Airports offer $38 billion spot for retailers
GlobalData’s report shows that spending in airports hit $38 billion globally in 2016 and is set to grow by 27 per cent to $49 billion by 2021.
“Apart from the growing number of air travelers, increased security over recent years delivers a constantly changing captive audience for airside retailers, which claim 83 per cent of all spending in airports,’’ said Maureen Hinton, group research director at Global Data Retail. “This audience has time to kill and, especially when on holiday, is in the mood to spend.”
According to GlobalData, this has given rise to the rapid development of retail space at airports as grateful retailers, who are seeing customers forsake high street shops for online and leisure experiences, welcome the opportunity to get in front of willing customers again.
Hinton said airports appreciate the extra revenue and are willing to invest in creating a more inviting space for travelers.
“For example, in Singapore’s Changi airport you can catch a movie, browse new art, play games, pamper yourself in a spa and entertain your kids – the airport equivalent of a modern shopping center,” she said.
Asia-Pacific airports generated the most spending in 2016, taking $14.8 billion through their tills, the report shows. Chinese travelers were a particular boon to this market, as they seized the opportunity to buy duty free luxury goods.
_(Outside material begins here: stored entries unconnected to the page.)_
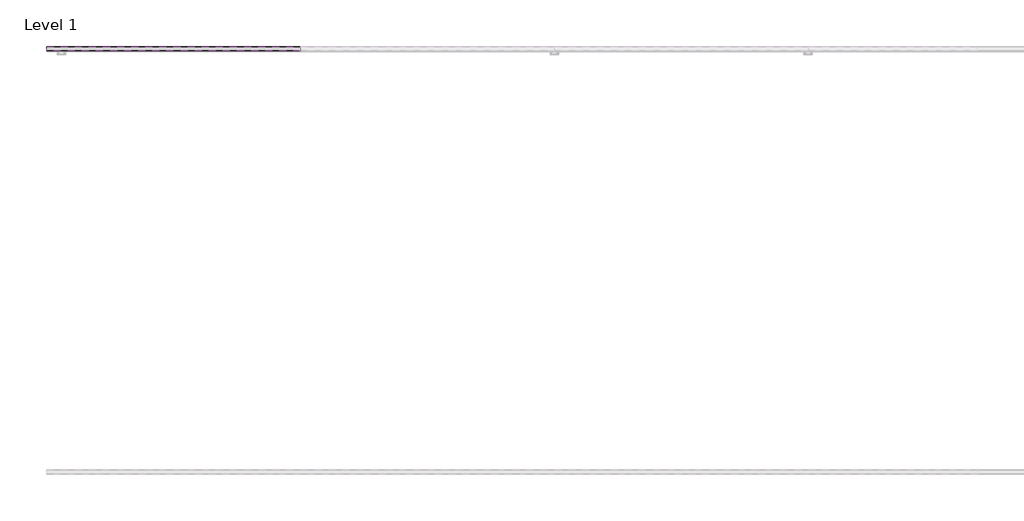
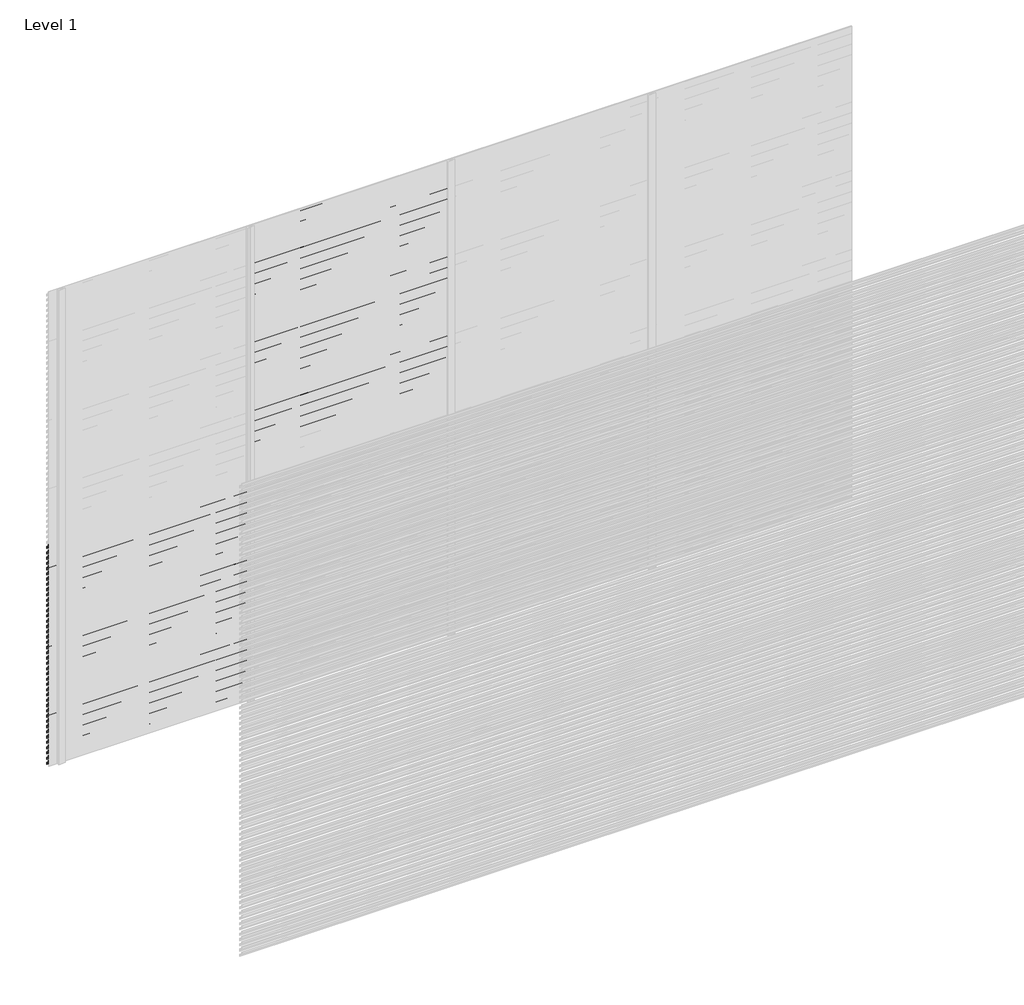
# One storey, part 55 of 507: 84 proxies.
"""IFC4 building model written with IfcOpenShell, lengths in millimetres."""

import ifcopenshell
import ifcopenshell.guid

model = None  # the IFC model being written
_history = None  # IfcOwnerHistory: only IFC2X3 demands one
_inside = {}  # id of a spatial element -> (the spatial element, [elements in it])
_under = {}  # id of a project, library or spatial element -> (it, [spatial elements below it])
_declared = {}  # id of a project -> (the project, [libraries it declares])
_typed = {}  # id of a type object -> (the type object, [elements of that type])
_made_of = {}  # id of a material, layer set ... -> (it, [elements and type objects made of it])


def new_model(schema):
    """Start an empty IFC model of exactly this schema.

    Asked for "IFC4X3", IfcOpenShell would pick the latest addendum, in which some entities
    have other attributes; the version numbers below select the first issue.
    IFC2X3 requires an IfcOwnerHistory on every rooted entity: one is made here for all.
    """
    global model, _history
    if schema == "IFC4X3":
        model = ifcopenshell.file(schema_version=(4, 3, 0, 0))
    else:
        model = ifcopenshell.file(schema=schema)
    _inside.clear()
    _under.clear()
    _declared.clear()
    _typed.clear()
    _made_of.clear()
    _history = None
    if model.schema == "IFC2X3":
        org = make("IfcOrganization", Name="unknown")
        user = make(
            "IfcPersonAndOrganization",
            ThePerson=make("IfcPerson", FamilyName="unknown"),
            TheOrganization=org,
        )
        app = make(
            "IfcApplication",
            ApplicationDeveloper=org,
            Version="unknown",
            ApplicationFullName="unknown",
            ApplicationIdentifier="unknown",
        )
        _history = make(
            "IfcOwnerHistory",
            OwningUser=user,
            OwningApplication=app,
            ChangeAction="ADDED",
            CreationDate=0,
        )
    return model


def make(cls, **values):
    """One entity of the class cls with the attributes given. An attribute that is None is left unset."""
    return model.create_entity(
        cls, **{name: value for name, value in values.items() if value is not None}
    )


def rooted(cls, **values):
    """An entity with a GlobalId (a new one), such as an element, a storey or a relation."""
    return make(cls, GlobalId=ifcopenshell.guid.new(), OwnerHistory=_history, **values)


def si_unit(unit_type, name, prefix=None):
    """IfcSIUnit, for example si_unit("LENGTHUNIT", "METRE", prefix="MILLI")."""
    return make("IfcSIUnit", UnitType=unit_type, Prefix=prefix, Name=name)


def assignment(units):
    """IfcUnitAssignment: the units of a project."""
    return None if units is None else make("IfcUnitAssignment", Units=units)


def point(xyz):
    """IfcCartesianPoint."""
    return None if xyz is None else make("IfcCartesianPoint", Coordinates=xyz)


def direction(xyz):
    """IfcDirection."""
    return None if xyz is None else make("IfcDirection", DirectionRatios=xyz)


def frame(location, z_axis=None, x_axis=None):
    """IfcAxis2Placement3D, a coordinate frame: its origin and axes. An axis left out is left unset."""
    return make(
        "IfcAxis2Placement3D",
        Location=point(location),
        Axis=direction(z_axis),
        RefDirection=direction(x_axis),
    )


def origin():
    """The frame at (0, 0, 0) with its axes left unset."""
    return frame((0.0, 0.0, 0.0))


def place(relative_to, where):
    """IfcLocalPlacement: puts the frame where relative to a parent placement (None: the world)."""
    return make(
        "IfcLocalPlacement", PlacementRelTo=relative_to, RelativePlacement=where
    )


def context(
    kind, dimensions, precision=None, world=None, true_north=None, identifier=None
):
    """IfcGeometricRepresentationContext, for example the 3D "Model" context."""
    return make(
        "IfcGeometricRepresentationContext",
        ContextIdentifier=identifier,
        ContextType=kind,
        CoordinateSpaceDimension=dimensions,
        Precision=precision,
        WorldCoordinateSystem=world,
        TrueNorth=true_north,
    )


def project(units=None, contexts=None):
    """IfcProject with its units and contexts."""
    return rooted(
        "IfcProject",
        Name="project",
        RepresentationContexts=contexts,
        UnitsInContext=assignment(units),
    )


def spatial(cls, under=None, at=None, **own):
    """A site, building, storey or space (cls), placed at a placement, below another one or the project."""
    s = rooted(cls, ObjectPlacement=at, **own)
    if under is not None:
        _under.setdefault(under.id(), (under, []))[1].append(s)
    return s


def polyline(points):
    """IfcPolyline through the points."""
    return make("IfcPolyline", Points=[point(p) for p in points])


def outline(outer, holes=None, kind="AREA"):
    """IfcArbitraryClosedProfileDef: a profile drawn as a closed curve; with holes, ...WithVoids."""
    if holes is None:
        return make("IfcArbitraryClosedProfileDef", ProfileType=kind, OuterCurve=outer)
    return make(
        "IfcArbitraryProfileDefWithVoids",
        ProfileType=kind,
        OuterCurve=outer,
        InnerCurves=holes,
    )


def extrude(swept, where, along, depth):
    """IfcExtrudedAreaSolid: the profile swept, set in the frame where, extruded along a direction by depth."""
    return make(
        "IfcExtrudedAreaSolid",
        SweptArea=swept,
        Position=where,
        ExtrudedDirection=direction(along),
        Depth=depth,
    )


def shape(context_of_items, identifier, shape_type, items):
    """IfcShapeRepresentation: the items that make up one representation, for example the "Body"."""
    return make(
        "IfcShapeRepresentation",
        ContextOfItems=context_of_items,
        RepresentationIdentifier=identifier,
        RepresentationType=shape_type,
        Items=items,
    )


def made_of(thing, what):
    """Note that an element or type object is made of a material, layer set ...; save() writes the relation."""
    if what is not None:
        _made_of.setdefault(what.id(), (what, []))[1].append(thing)
    return thing


def element(
    cls,
    number,
    at=None,
    inside=None,
    cuts=None,
    type_object=None,
    material=None,
    context=None,
    identifier="Body",
    shape_type=None,
    held_by="IfcProductDefinitionShape",
    body=None,
    shapes=None,
    **own,
):
    """One element of the class cls, such as IfcWall. Its Tag is "e" and its number.

    at: its placement. inside: the storey or other place that contains it. cuts: it is an
    opening in that element (IfcRelVoidsElement). A single representation is given by context,
    identifier, shape_type and body (its items); several are given by shapes. held_by: the class
    of the entity that holds the representations. save() writes the other relations.
    """
    e = rooted(cls, Tag="e%d" % number, ObjectPlacement=at, **own)
    if body is not None:
        shapes = [shape(context, identifier, shape_type, body)]
    if shapes is not None:
        e.Representation = make(held_by, Representations=shapes)
    if inside is not None:
        _inside.setdefault(inside.id(), (inside, []))[1].append(e)
    if cuts is not None:
        rooted(
            "IfcRelVoidsElement", RelatingBuildingElement=cuts, RelatedOpeningElement=e
        )
    if type_object is not None:
        _typed.setdefault(type_object.id(), (type_object, []))[1].append(e)
    return made_of(e, material)


def aggregate(whole, parts):
    """IfcRelAggregates: a whole, such as a stair, and the parts it consists of."""
    return rooted("IfcRelAggregates", RelatingObject=whole, RelatedObjects=parts)


def save(model, path):
    """Write the relations noted so far, then the file.

    IfcRelAggregates (storeys below a building ...), IfcRelContainedInSpatialStructure (elements
    in a storey), IfcRelDefinesByType, IfcRelAssociatesMaterial and IfcRelDeclares: one each for
    every whole, place, type object, material and project.
    """
    for whole, parts in _under.values():
        aggregate(whole, parts)
    for where, things in _inside.values():
        rooted(
            "IfcRelContainedInSpatialStructure",
            RelatedElements=things,
            RelatingStructure=where,
        )
    for kind, things in _typed.values():
        rooted("IfcRelDefinesByType", RelatedObjects=things, RelatingType=kind)
    for what, things in _made_of.values():
        rooted("IfcRelAssociatesMaterial", RelatedObjects=things, RelatingMaterial=what)
    for by, libraries in _declared.values():
        rooted("IfcRelDeclares", RelatingContext=by, RelatedDefinitions=libraries)
    model.write(path)


model = new_model("IFC4")

# Units and contexts
model_context = context("Model", 3, world=origin())
ifc_project = project(units=[si_unit("LENGTHUNIT", "METRE", prefix="MILLI")], contexts=[model_context])

# Site, building, storey
site = spatial("IfcSite", under=ifc_project)
building = spatial("IfcBuilding", under=site)
storey = spatial("IfcBuildingStorey", under=building, Name="Level 1", Elevation=0.0)

# Proxies
placement = place(None, origin())
element("IfcBuildingElementProxy", 1, Name="Wall Sweeps", at=placement, inside=storey, context=model_context, shape_type="SweptSolid", body=[
    extrude(outline(polyline([(44003.4540136, 1374.6), (44003.4540136, 1361.1), (44002.2040136, 1361.8216933), (44002.2040136, 1373.8782281), (43983.0540136, 1384.9345698), (43983.0540136, 1398.6), (43984.3040136, 1398.6), (43984.3040136, 1385.6562577), (44003.4540136, 1374.6)])), frame((44966.6208097, 0.0, 0.0), z_axis=(1.0, 0.0, 0.0), x_axis=(0.0, 1.0, 0.0)), (0.0, 0.0, 1.0), 1200.0000002),
])
element("IfcBuildingElementProxy", 2, Name="Wall Sweeps", at=placement, inside=storey, context=model_context, shape_type="SweptSolid", body=[
    extrude(outline(polyline([(44003.4540136, 1341.3), (44003.4540136, 1327.8), (44002.2040136, 1328.5216933), (44002.2040136, 1340.5782281), (43983.0540136, 1351.6345698), (43983.0540136, 1365.3), (43984.3040136, 1365.3), (43984.3040136, 1352.3562577), (44003.4540136, 1341.3)])), frame((44966.6208097, 0.0, 0.0), z_axis=(1.0, 0.0, 0.0), x_axis=(0.0, 1.0, 0.0)), (0.0, 0.0, 1.0), 1200.0000002),
])
element("IfcBuildingElementProxy", 3, Name="Wall Sweeps", at=placement, inside=storey, context=model_context, shape_type="SweptSolid", body=[
    extrude(outline(polyline([(44003.4540136, 1308.0), (44003.4540136, 1294.5), (44002.2040136, 1295.2216933), (44002.2040136, 1307.2782281), (43983.0540136, 1318.3345698), (43983.0540136, 1332.0), (43984.3040136, 1332.0), (43984.3040136, 1319.0562577), (44003.4540136, 1308.0)])), frame((44966.6208097, 0.0, 0.0), z_axis=(1.0, 0.0, 0.0), x_axis=(0.0, 1.0, 0.0)), (0.0, 0.0, 1.0), 1200.0000002),
])
element("IfcBuildingElementProxy", 4, Name="Wall Sweeps", at=placement, inside=storey, context=model_context, shape_type="SweptSolid", body=[
    extrude(outline(polyline([(44003.4540136, 1274.7), (44003.4540136, 1261.2), (44002.2040136, 1261.9216933), (44002.2040136, 1273.9782281), (43983.0540136, 1285.0345698), (43983.0540136, 1298.7), (43984.3040136, 1298.7), (43984.3040136, 1285.7562577), (44003.4540136, 1274.7)])), frame((44966.6208097, 0.0, 0.0), z_axis=(1.0, 0.0, 0.0), x_axis=(0.0, 1.0, 0.0)), (0.0, 0.0, 1.0), 1200.0000002),
])
element("IfcBuildingElementProxy", 5, Name="Wall Sweeps", at=placement, inside=storey, context=model_context, shape_type="SweptSolid", body=[
    extrude(outline(polyline([(44003.4540136, 1241.4), (44003.4540136, 1227.9), (44002.2040136, 1228.6216933), (44002.2040136, 1240.6782281), (43983.0540136, 1251.7345698), (43983.0540136, 1265.4), (43984.3040136, 1265.4), (43984.3040136, 1252.4562577), (44003.4540136, 1241.4)])), frame((44966.6208097, 0.0, 0.0), z_axis=(1.0, 0.0, 0.0), x_axis=(0.0, 1.0, 0.0)), (0.0, 0.0, 1.0), 1200.0000002),
])
element("IfcBuildingElementProxy", 6, Name="Wall Sweeps", at=placement, inside=storey, context=model_context, shape_type="SweptSolid", body=[
    extrude(outline(polyline([(44003.4540136, 1208.1), (44003.4540136, 1194.6), (44002.2040136, 1195.3216933), (44002.2040136, 1207.3782281), (43983.0540136, 1218.4345698), (43983.0540136, 1232.1), (43984.3040136, 1232.1), (43984.3040136, 1219.1562577), (44003.4540136, 1208.1)])), frame((44966.6208097, 0.0, 0.0), z_axis=(1.0, 0.0, 0.0), x_axis=(0.0, 1.0, 0.0)), (0.0, 0.0, 1.0), 1200.0000002),
])
element("IfcBuildingElementProxy", 7, Name="Wall Sweeps", at=placement, inside=storey, context=model_context, shape_type="SweptSolid", body=[
    extrude(outline(polyline([(44003.4540136, 1174.8), (44003.4540136, 1161.3), (44002.2040136, 1162.0216933), (44002.2040136, 1174.0782281), (43983.0540136, 1185.1345698), (43983.0540136, 1198.8), (43984.3040136, 1198.8), (43984.3040136, 1185.8562577), (44003.4540136, 1174.8)])), frame((44966.6208097, 0.0, 0.0), z_axis=(1.0, 0.0, 0.0), x_axis=(0.0, 1.0, 0.0)), (0.0, 0.0, 1.0), 1200.0000002),
])
element("IfcBuildingElementProxy", 8, Name="Wall Sweeps", at=placement, inside=storey, context=model_context, shape_type="SweptSolid", body=[
    extrude(outline(polyline([(44003.4540136, 1141.5), (44003.4540136, 1128.0), (44002.2040136, 1128.7216933), (44002.2040136, 1140.7782281), (43983.0540136, 1151.8345698), (43983.0540136, 1165.5), (43984.3040136, 1165.5), (43984.3040136, 1152.5562577), (44003.4540136, 1141.5)])), frame((44966.6208097, 0.0, 0.0), z_axis=(1.0, 0.0, 0.0), x_axis=(0.0, 1.0, 0.0)), (0.0, 0.0, 1.0), 1200.0000002),
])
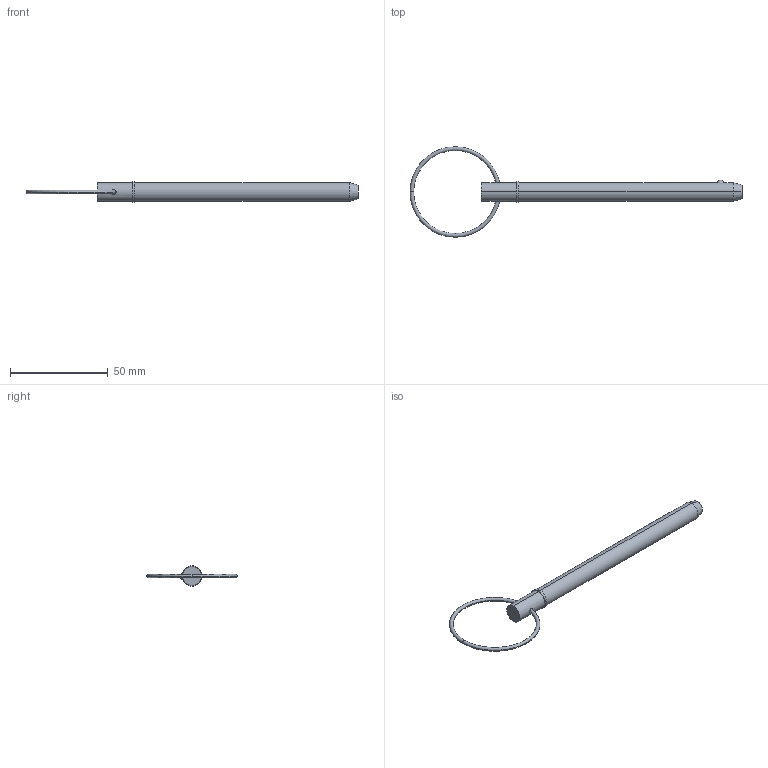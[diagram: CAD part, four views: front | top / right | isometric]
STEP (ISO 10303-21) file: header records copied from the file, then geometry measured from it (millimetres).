
FILE_DESCRIPTION (( 'STEP AP203' ), '1' );
FILE_NAME ('33014.W3740.step', '2024-11-04T08:27:06', ( '' ), ( '' ), 'SwSTEP 2.0', 'SolidWorks 2019', '' );
FILE_SCHEMA (( 'CONFIG_CONTROL_DESIGN' ));
Length unit declared in the file: millimetre
Products named in the file (3): Part1_33014.W3740; 33014.W3740; Part2_33014.W3740
Assembly tree (2 placements, depth 2):
  33014.W3740
    Part1_33014.W3740
    Part2_33014.W3740
Bounding box: 169.93 x 46.36 x 10.48 mm (x, y, z)
Volume: 9817.2 mm3; surface area: 5028.4 mm2
Topology: 2 solids, 2 shells, 22 faces, 43 edges, 26 vertices
Faces by surface type: torus 8, cylinder 6, plane 4, sphere 2, cone 2
Entity records: 1005 total; most frequent: CARTESIAN_POINT 228, DIRECTION 120, ORIENTED_EDGE 86, AXIS2_PLACEMENT_3D 56, EDGE_CURVE 43, CIRCLE 29, EDGE_LOOP 27, VERTEX_POINT 26
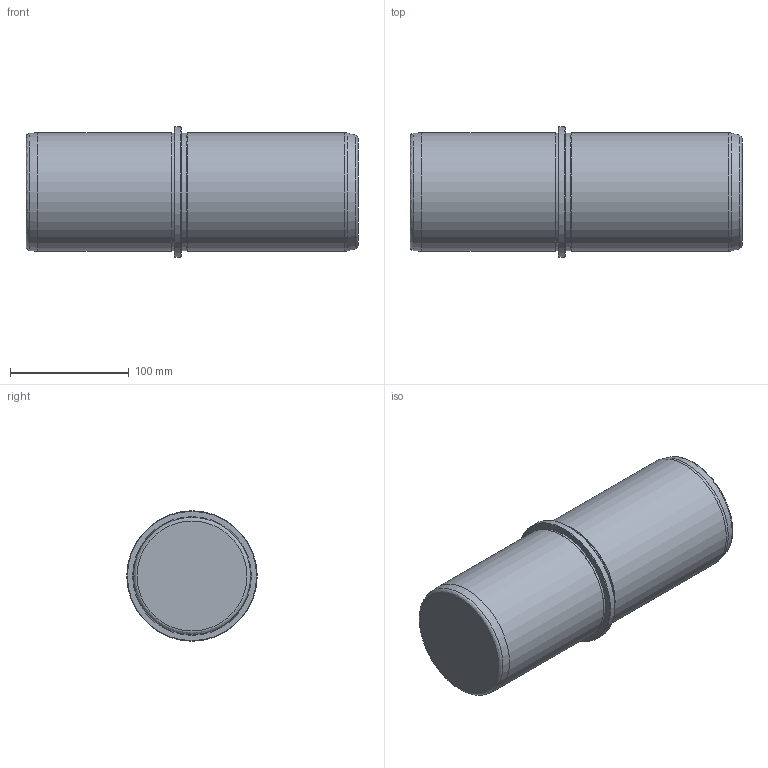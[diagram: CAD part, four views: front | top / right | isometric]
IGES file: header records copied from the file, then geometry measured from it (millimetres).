
Global section: file name: WDX100280.ipt; native system: Autodesk Inventor 2021; preprocessor: unknown; author: SM; date: 20220118.141353; units: millimetre
Bounding box: 280 x 110 x 110 mm (x, y, z)
Volume: 2198220.4 mm3; surface area: 106820.9 mm2
Topology: 1 solids, 1 shells, 21 faces, 47 edges, 30 vertices
Faces by surface type: cone 6, revolution 5, cylinder 5, plane 4, bspline 1
Full cylindrical faces by diameter (mm): 99 x2, 100 x2, 110 x1

Europe, meanwhile, ranks second on spending, hitting $10.7 billion in 2016. One benefit of the UK’s Brexit decision was the subsequent increase in tourists to the country, who were attracted by the low value of the pound.
GlobalData stated even the US, which has traditionally offered a poor shopping experience at airports, is cashing in and developing new retail spaces and offers. However, it is unfortunate that this coincides with President Trump’s attempts to curb immigration, which is making regular travelers think twice about visiting the country.
Speaking to Inside Retail, Glyn Williams, GM retail at Sydney Airport, said at a local level, its improvements program that includes the transformation of its retail and dining portfolio, has created a compelling value proposition for global brands to establish a presence at the busy terminal.
“The strong growth we’ve experienced in aviation, coupled with the diverse retail mix we’ve secured, means that we’re delivering a world-class retail experience for customers and setting the standard for airport retail in Australia,” he said.
The terminal’s transformation, with a dedicated fashion precinct, has helped increase traveller spending through its redefined luxury offer, according to Sydney Airport. Ten of the 13 outlets are now open in the new T1 terminal which now includes Tiffany & Co, Kate Spade, Burberry, Max Mara, Hugo Boss and Michael Kors.